パソコンと上手につきあう
パソコンの負担軽減は手先から
いまや現代人の生活に欠かせないパソコンは、便利な反面、肩こり人口の増加に拍車をかける存在でもあります。
そこで、肩こりになりにくいパソコンとの向き合い方を紹介します。
まず、一番大切なのは作業をするときの姿勢です。
座るときの正しい姿勢をとることが基本ですが、長時間のパソコン作業においては、さらにポイントがあります。
ひとつは、キーボードが使いやすいこと。
キーボードに手を置いたときの高さ・広さが適当でなければ、腕や肩は非常に大きな負担を強いられます。
キーボードの高さは、正しい姿勢で座り自然と手を置いたときに、ひじが90〜100度程度に曲がるくらいがベストです。
ですから、それを考慮して机の高さを決める必要があります。
また、キーボードの手前には腕を置くスペースが15〜20cmほど必要です。
キーボードの角や机の緑が手首に触れて具合が悪い場合には、リストレストを置いて調節するとよいでしょう。
リストレストは、手首の反りすぎを防ぐ役割もあり、腕や肩の負担をかなり軽減してくれます。
ちなみに、タイピングをするときには、両手首の間隔をあけて手首を曲げすぎないようにするとよいでしょう。
タイピングは、指先だけのささやかな動きのようですが、実は腕や肩、背中全体をじわじわと疲れさせる作業です。

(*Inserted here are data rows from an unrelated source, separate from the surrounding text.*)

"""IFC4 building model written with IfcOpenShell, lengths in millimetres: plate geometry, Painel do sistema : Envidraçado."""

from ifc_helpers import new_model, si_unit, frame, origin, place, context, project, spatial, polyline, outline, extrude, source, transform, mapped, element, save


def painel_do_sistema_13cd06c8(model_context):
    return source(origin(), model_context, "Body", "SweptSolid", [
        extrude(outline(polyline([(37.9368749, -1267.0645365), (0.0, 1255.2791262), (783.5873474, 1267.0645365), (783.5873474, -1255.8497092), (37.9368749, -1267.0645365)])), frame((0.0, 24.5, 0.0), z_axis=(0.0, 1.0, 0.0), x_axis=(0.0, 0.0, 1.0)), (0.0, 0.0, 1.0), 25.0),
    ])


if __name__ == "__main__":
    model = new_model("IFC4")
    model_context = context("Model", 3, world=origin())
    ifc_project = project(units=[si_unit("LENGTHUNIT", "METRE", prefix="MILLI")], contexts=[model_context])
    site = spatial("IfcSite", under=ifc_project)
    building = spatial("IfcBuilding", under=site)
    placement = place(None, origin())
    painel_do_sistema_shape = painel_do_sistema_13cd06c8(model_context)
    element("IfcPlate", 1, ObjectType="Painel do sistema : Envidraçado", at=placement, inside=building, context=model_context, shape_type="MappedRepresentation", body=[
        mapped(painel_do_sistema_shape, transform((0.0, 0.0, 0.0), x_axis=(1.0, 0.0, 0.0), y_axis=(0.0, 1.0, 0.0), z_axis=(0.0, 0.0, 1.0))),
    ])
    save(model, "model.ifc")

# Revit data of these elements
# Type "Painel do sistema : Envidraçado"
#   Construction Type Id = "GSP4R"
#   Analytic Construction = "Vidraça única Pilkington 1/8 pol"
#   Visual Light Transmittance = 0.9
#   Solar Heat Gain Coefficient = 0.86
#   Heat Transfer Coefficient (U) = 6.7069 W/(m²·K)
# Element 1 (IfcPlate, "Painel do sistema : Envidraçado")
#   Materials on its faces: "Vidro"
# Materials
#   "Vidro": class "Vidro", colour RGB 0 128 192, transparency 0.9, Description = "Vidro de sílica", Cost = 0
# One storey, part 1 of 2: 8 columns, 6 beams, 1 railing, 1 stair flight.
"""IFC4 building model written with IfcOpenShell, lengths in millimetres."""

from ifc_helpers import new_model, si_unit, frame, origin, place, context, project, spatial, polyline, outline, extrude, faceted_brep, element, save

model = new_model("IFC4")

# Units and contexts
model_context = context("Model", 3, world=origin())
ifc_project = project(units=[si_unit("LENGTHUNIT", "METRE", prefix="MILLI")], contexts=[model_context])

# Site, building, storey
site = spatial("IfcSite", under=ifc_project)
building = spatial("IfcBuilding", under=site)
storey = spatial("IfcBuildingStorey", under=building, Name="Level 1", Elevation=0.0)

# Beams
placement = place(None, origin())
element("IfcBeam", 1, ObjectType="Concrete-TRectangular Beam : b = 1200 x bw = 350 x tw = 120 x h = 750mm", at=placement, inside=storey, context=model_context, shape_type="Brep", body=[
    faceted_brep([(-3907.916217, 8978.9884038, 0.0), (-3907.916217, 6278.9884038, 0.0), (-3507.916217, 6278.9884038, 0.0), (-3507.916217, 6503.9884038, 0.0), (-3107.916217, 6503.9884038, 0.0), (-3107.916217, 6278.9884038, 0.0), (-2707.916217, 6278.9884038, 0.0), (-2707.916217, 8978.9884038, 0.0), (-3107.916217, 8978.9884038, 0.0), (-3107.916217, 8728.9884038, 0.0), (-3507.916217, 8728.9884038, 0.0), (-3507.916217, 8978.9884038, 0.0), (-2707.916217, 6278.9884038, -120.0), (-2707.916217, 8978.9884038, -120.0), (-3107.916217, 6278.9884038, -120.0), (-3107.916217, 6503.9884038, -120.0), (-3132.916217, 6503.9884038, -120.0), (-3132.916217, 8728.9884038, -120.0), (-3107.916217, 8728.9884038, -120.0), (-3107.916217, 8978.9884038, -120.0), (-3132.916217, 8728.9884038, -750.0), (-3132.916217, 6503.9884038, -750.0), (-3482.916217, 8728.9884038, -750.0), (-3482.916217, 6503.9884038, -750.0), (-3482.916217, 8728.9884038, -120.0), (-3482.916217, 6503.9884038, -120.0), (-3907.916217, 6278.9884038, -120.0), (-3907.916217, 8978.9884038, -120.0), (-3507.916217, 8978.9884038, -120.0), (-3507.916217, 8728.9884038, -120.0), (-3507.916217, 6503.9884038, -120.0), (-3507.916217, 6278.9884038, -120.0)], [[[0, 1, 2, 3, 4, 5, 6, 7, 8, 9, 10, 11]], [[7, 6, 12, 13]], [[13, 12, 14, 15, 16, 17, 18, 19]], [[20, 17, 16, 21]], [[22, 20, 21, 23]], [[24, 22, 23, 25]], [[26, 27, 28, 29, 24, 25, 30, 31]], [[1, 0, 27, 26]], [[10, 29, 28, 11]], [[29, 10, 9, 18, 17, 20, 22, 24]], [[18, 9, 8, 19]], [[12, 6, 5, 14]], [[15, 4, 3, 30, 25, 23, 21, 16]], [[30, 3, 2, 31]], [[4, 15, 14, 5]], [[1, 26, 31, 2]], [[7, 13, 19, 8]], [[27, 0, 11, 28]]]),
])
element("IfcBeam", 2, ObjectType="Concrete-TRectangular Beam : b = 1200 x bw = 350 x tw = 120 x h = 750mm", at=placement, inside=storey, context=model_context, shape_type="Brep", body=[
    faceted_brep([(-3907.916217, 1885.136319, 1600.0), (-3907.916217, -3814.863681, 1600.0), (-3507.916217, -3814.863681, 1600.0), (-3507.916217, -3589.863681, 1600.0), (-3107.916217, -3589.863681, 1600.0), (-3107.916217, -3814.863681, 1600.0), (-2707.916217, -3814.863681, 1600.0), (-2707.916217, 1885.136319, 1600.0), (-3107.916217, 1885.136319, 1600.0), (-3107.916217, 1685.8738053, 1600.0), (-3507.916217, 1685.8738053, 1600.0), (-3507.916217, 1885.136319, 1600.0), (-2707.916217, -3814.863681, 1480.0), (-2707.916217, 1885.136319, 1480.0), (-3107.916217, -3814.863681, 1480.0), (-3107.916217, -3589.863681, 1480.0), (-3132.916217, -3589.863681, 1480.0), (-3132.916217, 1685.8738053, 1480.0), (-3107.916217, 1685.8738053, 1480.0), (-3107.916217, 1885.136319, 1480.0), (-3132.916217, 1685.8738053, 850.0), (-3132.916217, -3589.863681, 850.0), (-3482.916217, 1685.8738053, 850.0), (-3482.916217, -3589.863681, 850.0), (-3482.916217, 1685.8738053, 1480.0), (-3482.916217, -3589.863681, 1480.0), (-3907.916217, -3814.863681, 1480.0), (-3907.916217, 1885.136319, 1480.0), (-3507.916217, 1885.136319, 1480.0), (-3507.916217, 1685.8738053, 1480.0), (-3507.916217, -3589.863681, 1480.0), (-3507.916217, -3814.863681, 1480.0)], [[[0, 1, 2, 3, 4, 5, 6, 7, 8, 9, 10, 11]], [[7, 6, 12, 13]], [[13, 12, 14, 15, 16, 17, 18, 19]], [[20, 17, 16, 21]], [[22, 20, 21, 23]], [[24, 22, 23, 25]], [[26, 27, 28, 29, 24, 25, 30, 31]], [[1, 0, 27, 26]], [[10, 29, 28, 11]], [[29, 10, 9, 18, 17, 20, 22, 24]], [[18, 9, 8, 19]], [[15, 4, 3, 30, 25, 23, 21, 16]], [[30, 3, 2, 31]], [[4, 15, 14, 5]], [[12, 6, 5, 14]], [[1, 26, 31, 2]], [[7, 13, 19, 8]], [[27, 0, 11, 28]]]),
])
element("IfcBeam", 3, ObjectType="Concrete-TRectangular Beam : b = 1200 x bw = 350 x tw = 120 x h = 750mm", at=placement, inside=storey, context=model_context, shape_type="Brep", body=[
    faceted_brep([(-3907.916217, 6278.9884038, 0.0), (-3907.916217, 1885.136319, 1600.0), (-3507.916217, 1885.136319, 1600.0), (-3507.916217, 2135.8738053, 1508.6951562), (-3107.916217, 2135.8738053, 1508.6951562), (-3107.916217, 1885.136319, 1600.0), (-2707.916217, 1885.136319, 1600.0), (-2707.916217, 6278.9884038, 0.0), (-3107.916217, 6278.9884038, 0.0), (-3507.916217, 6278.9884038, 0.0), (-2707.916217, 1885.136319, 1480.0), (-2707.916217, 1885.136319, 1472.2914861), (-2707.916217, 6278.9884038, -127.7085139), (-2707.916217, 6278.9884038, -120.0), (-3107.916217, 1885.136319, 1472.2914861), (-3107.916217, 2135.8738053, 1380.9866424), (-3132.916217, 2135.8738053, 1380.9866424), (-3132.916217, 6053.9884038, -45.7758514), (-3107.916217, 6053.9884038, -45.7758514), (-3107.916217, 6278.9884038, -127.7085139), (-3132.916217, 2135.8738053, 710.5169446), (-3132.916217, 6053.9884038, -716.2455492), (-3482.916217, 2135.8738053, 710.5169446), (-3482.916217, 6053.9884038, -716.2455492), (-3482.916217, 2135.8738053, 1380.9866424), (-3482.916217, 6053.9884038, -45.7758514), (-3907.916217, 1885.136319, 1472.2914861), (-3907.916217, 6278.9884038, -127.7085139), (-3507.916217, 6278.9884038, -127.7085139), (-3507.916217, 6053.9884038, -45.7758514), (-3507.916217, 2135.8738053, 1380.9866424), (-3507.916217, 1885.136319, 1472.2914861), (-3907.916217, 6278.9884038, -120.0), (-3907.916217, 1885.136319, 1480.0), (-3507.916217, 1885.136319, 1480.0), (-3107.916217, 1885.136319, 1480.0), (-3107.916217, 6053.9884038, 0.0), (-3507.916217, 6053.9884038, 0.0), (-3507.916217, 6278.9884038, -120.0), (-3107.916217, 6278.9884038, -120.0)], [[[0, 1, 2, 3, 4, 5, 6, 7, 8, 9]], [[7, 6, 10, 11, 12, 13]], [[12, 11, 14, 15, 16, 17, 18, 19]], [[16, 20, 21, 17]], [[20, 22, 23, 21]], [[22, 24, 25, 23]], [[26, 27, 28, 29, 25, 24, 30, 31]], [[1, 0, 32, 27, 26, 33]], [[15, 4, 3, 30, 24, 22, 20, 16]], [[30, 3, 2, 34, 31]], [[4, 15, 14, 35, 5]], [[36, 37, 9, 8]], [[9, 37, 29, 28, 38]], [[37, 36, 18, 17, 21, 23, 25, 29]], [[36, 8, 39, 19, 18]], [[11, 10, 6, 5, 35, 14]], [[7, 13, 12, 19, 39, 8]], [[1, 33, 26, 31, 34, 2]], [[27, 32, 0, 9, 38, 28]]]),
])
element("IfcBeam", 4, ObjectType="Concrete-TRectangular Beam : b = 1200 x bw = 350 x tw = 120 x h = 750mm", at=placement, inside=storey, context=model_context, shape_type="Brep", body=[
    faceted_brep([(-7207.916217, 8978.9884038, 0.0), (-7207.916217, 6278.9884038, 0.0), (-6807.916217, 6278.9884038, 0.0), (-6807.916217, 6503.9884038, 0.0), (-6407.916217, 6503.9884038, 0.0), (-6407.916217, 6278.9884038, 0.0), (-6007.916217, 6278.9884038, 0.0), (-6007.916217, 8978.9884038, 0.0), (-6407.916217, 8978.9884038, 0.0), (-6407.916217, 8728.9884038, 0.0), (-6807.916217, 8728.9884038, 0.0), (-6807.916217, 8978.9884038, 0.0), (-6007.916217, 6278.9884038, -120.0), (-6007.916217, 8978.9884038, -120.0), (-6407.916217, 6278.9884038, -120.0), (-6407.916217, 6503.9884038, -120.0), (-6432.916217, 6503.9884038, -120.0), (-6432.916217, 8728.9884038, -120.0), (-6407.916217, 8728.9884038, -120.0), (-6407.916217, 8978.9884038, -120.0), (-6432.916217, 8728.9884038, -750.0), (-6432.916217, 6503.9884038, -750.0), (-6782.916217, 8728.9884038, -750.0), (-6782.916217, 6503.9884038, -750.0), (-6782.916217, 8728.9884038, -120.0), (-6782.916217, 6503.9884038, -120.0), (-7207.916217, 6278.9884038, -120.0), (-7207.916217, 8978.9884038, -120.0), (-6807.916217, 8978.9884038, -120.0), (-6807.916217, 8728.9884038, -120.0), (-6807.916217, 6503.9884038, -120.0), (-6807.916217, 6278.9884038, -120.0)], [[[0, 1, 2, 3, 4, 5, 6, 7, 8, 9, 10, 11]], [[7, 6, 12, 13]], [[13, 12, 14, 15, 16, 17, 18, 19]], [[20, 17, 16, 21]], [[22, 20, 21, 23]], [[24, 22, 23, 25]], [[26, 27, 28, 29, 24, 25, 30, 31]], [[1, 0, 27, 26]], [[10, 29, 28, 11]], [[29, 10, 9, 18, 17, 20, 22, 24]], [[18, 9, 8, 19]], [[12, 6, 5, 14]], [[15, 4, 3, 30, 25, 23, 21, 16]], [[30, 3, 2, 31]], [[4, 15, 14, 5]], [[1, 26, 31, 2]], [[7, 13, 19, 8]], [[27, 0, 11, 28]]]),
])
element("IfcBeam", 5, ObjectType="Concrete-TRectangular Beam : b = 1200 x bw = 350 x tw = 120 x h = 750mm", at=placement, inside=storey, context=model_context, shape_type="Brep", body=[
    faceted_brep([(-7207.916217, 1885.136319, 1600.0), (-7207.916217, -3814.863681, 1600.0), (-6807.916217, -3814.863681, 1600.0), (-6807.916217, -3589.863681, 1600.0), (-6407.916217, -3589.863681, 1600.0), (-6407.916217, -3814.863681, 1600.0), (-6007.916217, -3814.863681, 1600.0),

少しでも疲労を軽減できるように、キーボードの位置から見直してみましょう。
パソコンまわりを整備しよう
パソコン作業から肩こりを遠ざけるためには、座るときの姿勢が重要です。
パソコンと向き合うときには、OA作業用のイスを使うとよいでしょう。
最近では、長時間のOA作業に合わせ、人間工学的に設計されたイスが開発されており、多くのオフィスで採用されています。
その特徴は、ひとつは座画の高さが調節できること。
高さは、深く腰掛けてひざを90度曲げたときに、足裏がぴったりと床面につくよう調節します。
また背もたれは、もたれると後方に5〜10度傾くものがベストです。
背もたれが垂直に固定されていると、非常に疲れやすくなります。
ちょうどよい高さのひじ掛けがあれば、なおよいでしょう。
そのようなイスに正しい姿勢で座り、ひじを90〜100度ほど曲げたときに、ちょうど手が置ける。
これが正しい机の高さです。
ですから、イスの高さを決めてがら机の高さを考えることが大事です。
机の高さが合っていると、両腕が疲れにくくなります。
また、ひざの上にも余裕があり、脚を楽に動かせることも大切です。
日本人なら、床から約65〜70cmほどの高さの机が適当だといわれています。
最後に、画面(ディスプレイ)の調節も忘れてはいけません。
ディスプレイは、まっすぐ前よリ5度だけ視線を上に向けたときの視野に納まる高さに調節します。
高すぎても低すぎても、くびが疲れてしまいます。
また、明るさや角度にも注意が必要です。
パソコンのディスプレイは、ただでさえ目を疲労させますが、明るすぎると負担が増します。
さらに角度によっては、オフィスの蛍光灯が反射して目を直撃します。
目の疲れから肩こりになることのないよう、明度や角度も調整しましょう。